(Stored items)

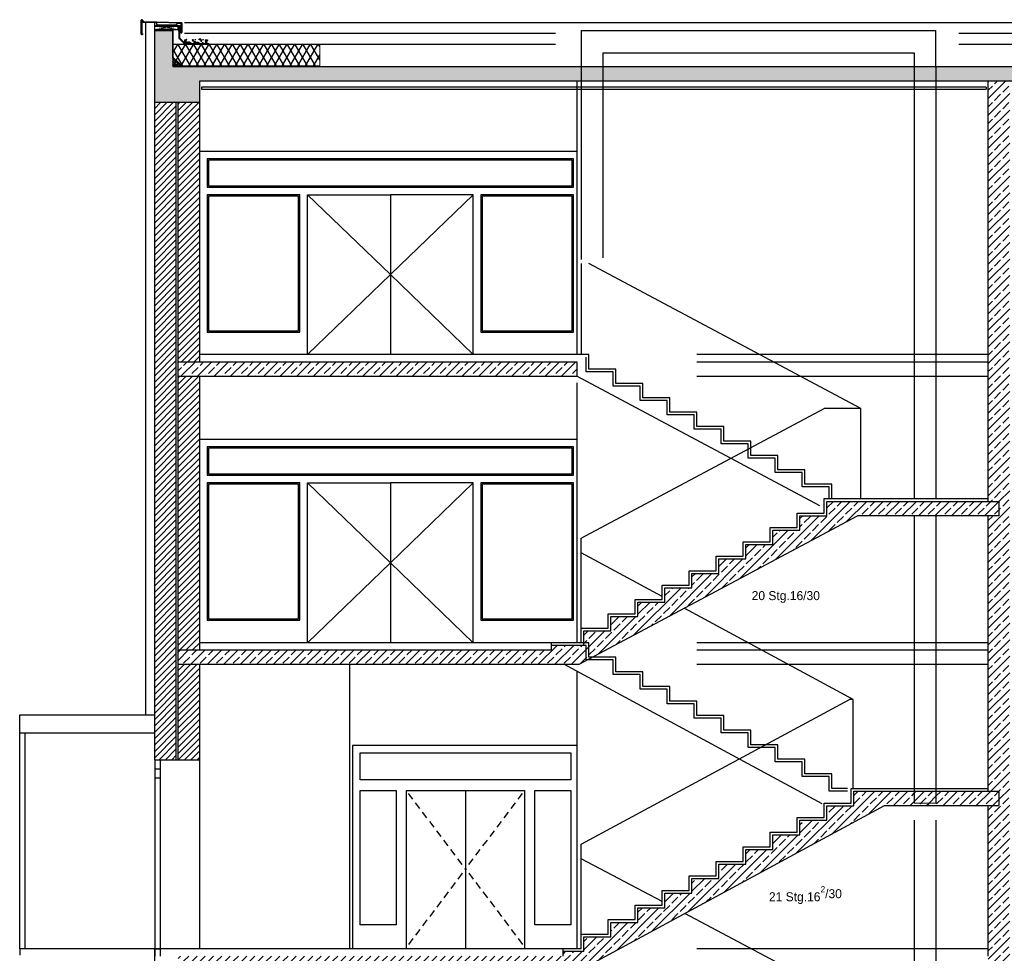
# Model space of a CAD drawing. Extents: x 1 to 209, y 0 to 18.
# Tile 58 of 63: x 124 to 135, y 7 to 18. Entities that reach past the tile are written whole.
import ezdxf

# ---------------------------------------------------------------- set-up
doc = ezdxf.new("R2010")
doc.units = 0
doc.header["$MEASUREMENT"] = 0
doc.linetypes.add('Strichlinie', pattern=[0.282222, 0.141111, -0.141111])
for name, color, linetype in [('Schnitt_D-D_4_A_1 Dämmung', 7, 'Continuous'), ('Schnitt_D-D_4_A_1 Holz', 7, 'Continuous'), ('Schnitt_D-D_4_A_DE_DECKE', 7, 'Continuous'), ('Schnitt_D-D_4_P_ZE_TEXT', 7, 'Continuous'), ('Schnitt_D-D_4_R_NT_DACH', 7, 'Continuous'), ('Schnitt_D-D_4_R_NT_HIDDEN', 7, 'Continuous'), ('Schnitt_D-D_4_R_NT_STAHL', 7, 'Continuous'), ('Schnitt_D-D_4_R_NT_TREPPE', 7, 'Continuous'), ('Schnitt_D-D_4_R_NT_TUER', 7, 'Continuous'), ('Schnitt_D-D_4_R_TR_AUSSENWAND', 7, 'Continuous'), ('Schnitt_D-D_4_R_TR_HIDDEN', 7, 'Continuous'), ('Schnitt_D-D_4_Schraffuren', 7, 'Continuous')]:
    doc.layers.add(name, color=color, linetype=linetype)
doc.styles.add('ERSTELLTER_STIL_2', font='txt')
pattern_1 = [(45, (125.216865, 7.29005), (-0.03535534, 0.03535534), [])]
pattern_2 = [(45, (125.21686, 7.29005), (-0.0919239, 0.0919239), []), (45, (125.1709, 7.33601), (-0.0919239, 0.0919239), [0.0975, -0.0325])]

msp = doc.modelspace()

# ---------------------------------------------------------------- hatches: boundary and pattern name
at = {"layer": 'Schnitt_D-D_4_A_1 Dämmung', "linetype": 'Continuous', "ltscale": 1000}
for points in [[(125.273, 17.545), (125.248, 17.545), (125.248, 17.538), (125.273, 17.538)], [(125.323, 17.545), (125.298, 17.545), (125.298, 17.538), (125.323, 17.538)], [(125.355, 17.545), (125.348, 17.545), (125.348, 17.538), (125.355, 17.538)], [(125.37, 17.545), (125.355, 17.545), (125.355, 17.538), (125.37, 17.538)], [(125.427, 17.538), (125.427, 17.545), (125.398, 17.545), (125.398, 17.538)], [(125.481, 17.538), (125.481, 17.545), (125.452, 17.545), (125.452, 17.538)], [(125.492, 17.536), (125.485, 17.536), (125.485, 17.511), (125.492, 17.511)], [(125.273, 17.498), (125.248, 17.498), (125.248, 17.491), (125.273, 17.491)], [(125.323, 17.498), (125.298, 17.498), (125.298, 17.491), (125.323, 17.491)], [(125.373, 17.498), (125.348, 17.498), (125.348, 17.491), (125.373, 17.491)], [(125.425, 17.498), (125.398, 17.498), (125.398, 17.491), (125.418, 17.491), (125.418, 17.486), (125.425, 17.486)], [(125.418, 17.436), (125.425, 17.436), (125.425, 17.441, -0.044265), (125.425, 17.444), (125.425, 17.461), (125.418, 17.461)], [(125.425, 17.411), (125.418, 17.411), (125.418, 17.386), (125.425, 17.386)], [(125.492, 17.476), (125.492, 17.474), (125.499, 17.474), (125.499, 17.477), (125.492, 17.488), (125.492, 17.49), (125.485, 17.49), (125.485, 17.487)], [(125.492, 17.474), (125.485, 17.474), (125.485, 17.449), (125.492, 17.449)], [(125.492, 17.424), (125.485, 17.424), (125.485, 17.405), (125.491, 17.399), (125.496, 17.404), (125.492, 17.408)], [(125.492, 17.44), (125.499, 17.44), (125.499, 17.459), (125.492, 17.459)], [(125.418, 17.336), (125.425, 17.336), (125.425, 17.361), (125.418, 17.361)], [(125.425, 17.311), (125.418, 17.311), (125.418, 17.286), (125.425, 17.286)], [(125.516, 17.383), (125.513, 17.386), (125.508, 17.381), (125.516, 17.373)], [(125.516, 17.383), (125.516, 17.373), (125.525, 17.363), (125.53, 17.368)], [(125.548, 17.35), (125.543, 17.345), (125.551, 17.337), (125.557, 17.337), (125.557, 17.344), (125.554, 17.344)], [(125.607, 17.343), (125.582, 17.344), (125.582, 17.337), (125.607, 17.336)], [(125.657, 17.343), (125.632, 17.343), (125.632, 17.336), (125.657, 17.336)], [(125.69, 17.342), (125.682, 17.342), (125.682, 17.335), (125.69, 17.335)], [(125.707, 17.342), (125.69, 17.342), (125.69, 17.335), (125.707, 17.335)], [(125.754, 17.341), (125.732, 17.342), (125.732, 17.335), (125.754, 17.334)], [(125.757, 17.341), (125.754, 17.341), (125.754, 17.334), (125.757, 17.334)], [(125.807, 17.341), (125.782, 17.341), (125.782, 17.334), (125.807, 17.334)], [(125.425, 17.261), (125.418, 17.261), (125.418, 17.236), (125.425, 17.236, -0.116838), (125.425, 17.243)], [(125.425, 17.209), (125.425, 17.211), (125.418, 17.211), (125.418, 17.189), (125.425, 17.189), (125.425, 17.201, -0.119278)], [(125.435, 17.178), (125.43, 17.173), (125.442, 17.161), (125.448, 17.155), (125.453, 17.16)], [(125.47, 17.142), (125.465, 17.137), (125.468, 17.135), (125.481, 17.122), (125.483, 17.12), (125.488, 17.125)], [(125.524, 17.097), (125.515, 17.097), (125.506, 17.107), (125.501, 17.102), (125.513, 17.09), (125.524, 17.09)], [(125.574, 17.097), (125.549, 17.097), (125.549, 17.09), (125.574, 17.09)], [(125.624, 17.097), (125.599, 17.097), (125.599, 17.09), (125.624, 17.09)], [(125.674, 17.097), (125.649, 17.097), (125.649, 17.09), (125.674, 17.09)], [(125.724, 17.097), (125.699, 17.097), (125.699, 17.09), (125.724, 17.09)], [(125.754, 17.097), (125.749, 17.097), (125.749, 17.09), (125.754, 17.09)], [(125.774, 17.097), (125.754, 17.097), (125.754, 17.09), (125.774, 17.09)], [(125.821, 17.097), (125.799, 17.097), (125.799, 17.09), (125.821, 17.09)]]:
    msp.add_hatch(color=256, dxfattribs=at).paths.add_polyline_path(points, flags=0)
at = {"layer": 'Schnitt_D-D_4_Schraffuren', "linetype": 'Continuous', "ltscale": 1000}
h = msp.add_hatch(dxfattribs=at)
h.set_pattern_fill('Beton__Stahlbeton_0004', color=256, style=0, pattern_type=2)
h.set_pattern_definition(pattern_2)
h.paths.add_polyline_path([(161.477, 16.93), (161.977, 16.93), (161.977, 17.49), (161.777, 17.49), (161.777, 17.09), (125.418, 17.09), (125.418, 17.49), (125.218, 17.49), (125.218, 16.69), (125.718, 16.69), (125.718, 16.93)], flags=0)
h = msp.add_hatch(dxfattribs=at)
h.set_pattern_fill('Dämmung__weich_0004', color=256, style=0, pattern_type=2)
h.set_pattern_definition([(60, (125.216865, 7.29005), (-0.0649519, 0.0375), []), (120, (125.216865, 7.29005), (0.0649519, 0.0375), [])])
h.paths.add_polyline_path([(125.524, 17.097), (127.051, 17.097), (127.051, 17.334), (125.425, 17.336), (125.425, 17.189)], flags=0)
h = msp.add_hatch(dxfattribs=at)
h.set_pattern_fill('Beton__Stahlbeton_0004', color=256, style=0, pattern_type=2)
h.set_pattern_definition(pattern_2)
h.paths.add_polyline_path([(134.477, 16.93), (134.477, 13.81), (134.477, 12.26), (134.597, 12.26), (134.597, 12.099), (134.477, 12.099), (134.477, 10.61), (134.477, 9.041), (134.597, 9.041), (134.597, 8.881), (134.477, 8.881), (134.477, 7.21), (134.477, 7.01), (134.477, 5.672), (134.597, 5.672), (134.597, 5.512), (134.477, 5.512), (134.477, 4.51), (134.717, 4.51), (134.717, 7.01), (134.717, 7.21), (134.717, 10.61), (134.717, 13.81), (134.717, 16.93)], flags=0)
h = msp.add_hatch(dxfattribs=at)
h.set_pattern_fill('MW_HLZ_0004', color=256, style=0, pattern_type=2)
h.set_pattern_definition(pattern_1)
h.paths.add_polyline_path([(125.218, 16.69), (125.218, 9.39), (125.458, 9.39), (125.458, 16.69)], flags=0)
h = msp.add_hatch(dxfattribs=at)
h.set_pattern_fill('MW_HLZ_0004', color=256, style=0, pattern_type=2)
h.set_pattern_definition(pattern_1)
h.paths.add_polyline_path([(125.718, 16.69), (125.478, 16.69), (125.478, 13.81), (125.718, 13.81)], flags=0)
h = msp.add_hatch(dxfattribs=at)
h.set_pattern_fill('Beton__Stahlbeton_0004', color=256, style=0, pattern_type=2)
h.set_pattern_definition(pattern_2)
h.paths.add_polyline_path([(129.907, 13.65), (129.907, 13.81), (125.478, 13.81), (125.478, 13.65)], flags=0)
h = msp.add_hatch(dxfattribs=at)
h.set_pattern_fill('MW_HLZ_0004', color=256, style=0, pattern_type=2)
h.set_pattern_definition(pattern_1)
h.paths.add_polyline_path([(125.718, 13.65), (125.478, 13.65), (125.478, 10.61), (125.718, 10.61)], flags=0)
h = msp.add_hatch(dxfattribs=at)
h.set_pattern_fill('Beton__Stahlbeton_0004', color=256, style=0, pattern_type=2)
h.set_pattern_definition(pattern_2)
h.paths.add_polyline_path([(129.933, 10.45), (133.025, 12.099), (134.597, 12.099), (134.597, 12.26), (132.687, 12.26), (132.687, 12.1), (132.387, 12.1), (132.387, 11.94), (132.087, 11.94), (132.087, 11.78), (131.787, 11.78), (131.787, 11.62), (131.487, 11.62), (131.487, 11.46), (131.187, 11.46), (131.187, 11.3), (130.887, 11.3), (130.887, 11.14), (130.587, 11.14), (130.587, 10.98), (130.287, 10.98), (130.287, 10.82), (129.987, 10.82), (129.987, 10.66), (129.627, 10.66), (129.627, 10.61), (125.478, 10.61), (125.478, 10.45)], flags=0)
h = msp.add_hatch(dxfattribs=at)
h.set_pattern_fill('MW_HLZ_0004', color=256, style=0, pattern_type=2)
h.set_pattern_definition(pattern_1)
h.paths.add_polyline_path([(125.718, 10.45), (125.478, 10.45), (125.478, 9.39), (125.718, 9.39)], flags=0)
h = msp.add_hatch(dxfattribs=at)
h.set_pattern_fill('Beton__Stahlbeton_0004', color=256, style=0, pattern_type=2)
h.set_pattern_definition(pattern_2)
h.paths.add_polyline_path([(133.657, 8.909), (133.657, 9.041), (132.987, 9.041), (132.987, 8.879), (132.687, 8.879), (132.687, 8.717), (132.387, 8.717), (132.387, 8.555), (132.087, 8.555), (132.087, 8.393), (131.787, 8.393), (131.787, 8.231), (131.487, 8.231), (131.487, 8.07), (131.187, 8.07), (131.187, 7.908), (130.887, 7.908), (130.887, 7.746), (130.587, 7.746), (130.587, 7.584), (130.287, 7.584), (130.287, 7.422), (129.987, 7.422), (129.987, 7.26), (129.755, 7.26), (129.755, 7.21), (125.478, 7.21), (125.478, 6.845), (125.718, 6.845), (125.718, 7.01), (129.861, 7.01), (133.327, 8.881), (134.597, 8.881), (134.597, 9.041), (133.897, 9.041), (133.897, 8.909)], flags=0)
h = msp.add_hatch(dxfattribs=at)
h.set_pattern_fill('Beton__Stahlbeton_0004', color=256, style=0, pattern_type=2)
h.set_pattern_definition(pattern_2)
h.paths.add_polyline_path([(133.657, 8.909), (133.897, 8.909), (133.897, 9.041), (133.657, 9.041)], flags=0)

# ---------------------------------------------------------------- linework, layer by layer
at = {"layer": 'Schnitt_D-D_4_A_1 Dämmung', "linetype": 'Continuous', "ltscale": 1000}
for p, q in [((125.223, 17.538), (125.223, 17.545)), ((125.223, 17.545), (125.492, 17.545)), ((125.223, 17.538), (125.485, 17.538)), ((125.248, 17.538), (125.248, 17.545)), ((125.273, 17.538), (125.273, 17.545)), ((125.298, 17.538), (125.298, 17.545)), ((125.323, 17.538), (125.323, 17.545)), ((125.348, 17.538), (125.348, 17.545)), ((125.37, 17.538), (125.37, 17.545)), ((125.373, 17.538), (125.373, 17.545)), ((125.398, 17.538), (125.398, 17.545)), ((125.427, 17.538), (125.427, 17.545)), ((125.452, 17.538), (125.452, 17.545)), ((125.481, 17.538), (125.481, 17.545)), ((125.485, 17.487), (125.485, 17.538)), ((125.485, 17.498), (125.485, 17.538)), ((125.485, 17.498), (125.485, 17.538)), ((125.492, 17.536), (125.485, 17.536)), ((125.492, 17.511), (125.485, 17.511)), ((125.492, 17.545), (125.492, 17.488)), ((125.425, 17.498), (125.218, 17.498)), ((125.418, 17.491), (125.218, 17.491)), ((125.223, 17.491), (125.223, 17.498)), ((125.248, 17.491), (125.248, 17.498)), ((125.248, 17.491), (125.418, 17.491)), ((125.273, 17.491), (125.273, 17.498)), ((125.298, 17.491), (125.298, 17.498)), ((125.323, 17.491), (125.323, 17.498)), ((125.348, 17.491), (125.348, 17.498)), ((125.373, 17.491), (125.373, 17.498)), ((125.398, 17.491), (125.398, 17.498)), ((125.418, 17.486), (125.418, 17.491)), ((125.425, 17.486), (125.418, 17.486)), ((125.425, 17.486), (125.418, 17.486)), ((125.418, 17.184), (125.418, 17.484)), ((125.422, 17.461), (125.418, 17.461)), ((125.425, 17.461), (125.418, 17.461)), ((125.425, 17.436), (125.418, 17.436)), ((125.425, 17.411), (125.418, 17.411)), ((125.425, 17.486), (125.425, 17.498)), ((125.425, 17.187), (125.425, 17.486)), ((125.492, 17.49), (125.485, 17.49)), ((125.492, 17.476), (125.485, 17.487)), ((125.485, 17.474), (125.485, 17.405)), ((125.485, 17.474), (125.492, 17.474)), ((125.492, 17.449), (125.485, 17.449)), ((125.492, 17.424), (125.485, 17.424)), ((125.485, 17.405), (125.551, 17.337)), ((125.496, 17.404), (125.491, 17.399)), ((125.499, 17.477), (125.492, 17.488)), ((125.492, 17.476), (125.492, 17.408)), ((125.492, 17.474), (125.499, 17.474)), ((125.499, 17.459), (125.492, 17.459)), ((125.499, 17.44), (125.492, 17.44)), ((125.499, 17.423), (125.492, 17.423)), ((125.492, 17.408), (125.554, 17.344)), ((125.499, 17.423), (125.499, 17.477)), ((125.499, 17.423), (125.499, 17.477)), ((125.425, 17.386), (125.418, 17.386)), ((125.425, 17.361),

[Problem]:
Every line from the top of the entries through the line that holds "pattern=[0.282222, 0.141111, -0.141111])" is to be quoted exactly, please, and nothing else; omit the pictures.

[Answer to this exercise]:
# Model space of a CAD drawing. Extents: x 1 to 209, y 0 to 18.
# Tile 58 of 63: x 124 to 135, y 7 to 18. Entities that reach past the tile are written whole.
import ezdxf

# ---------------------------------------------------------------- set-up
doc = ezdxf.new("R2010")
doc.units = 0
doc.header["$MEASUREMENT"] = 0
doc.linetypes.add('Strichlinie', pattern=[0.282222, 0.141111, -0.141111])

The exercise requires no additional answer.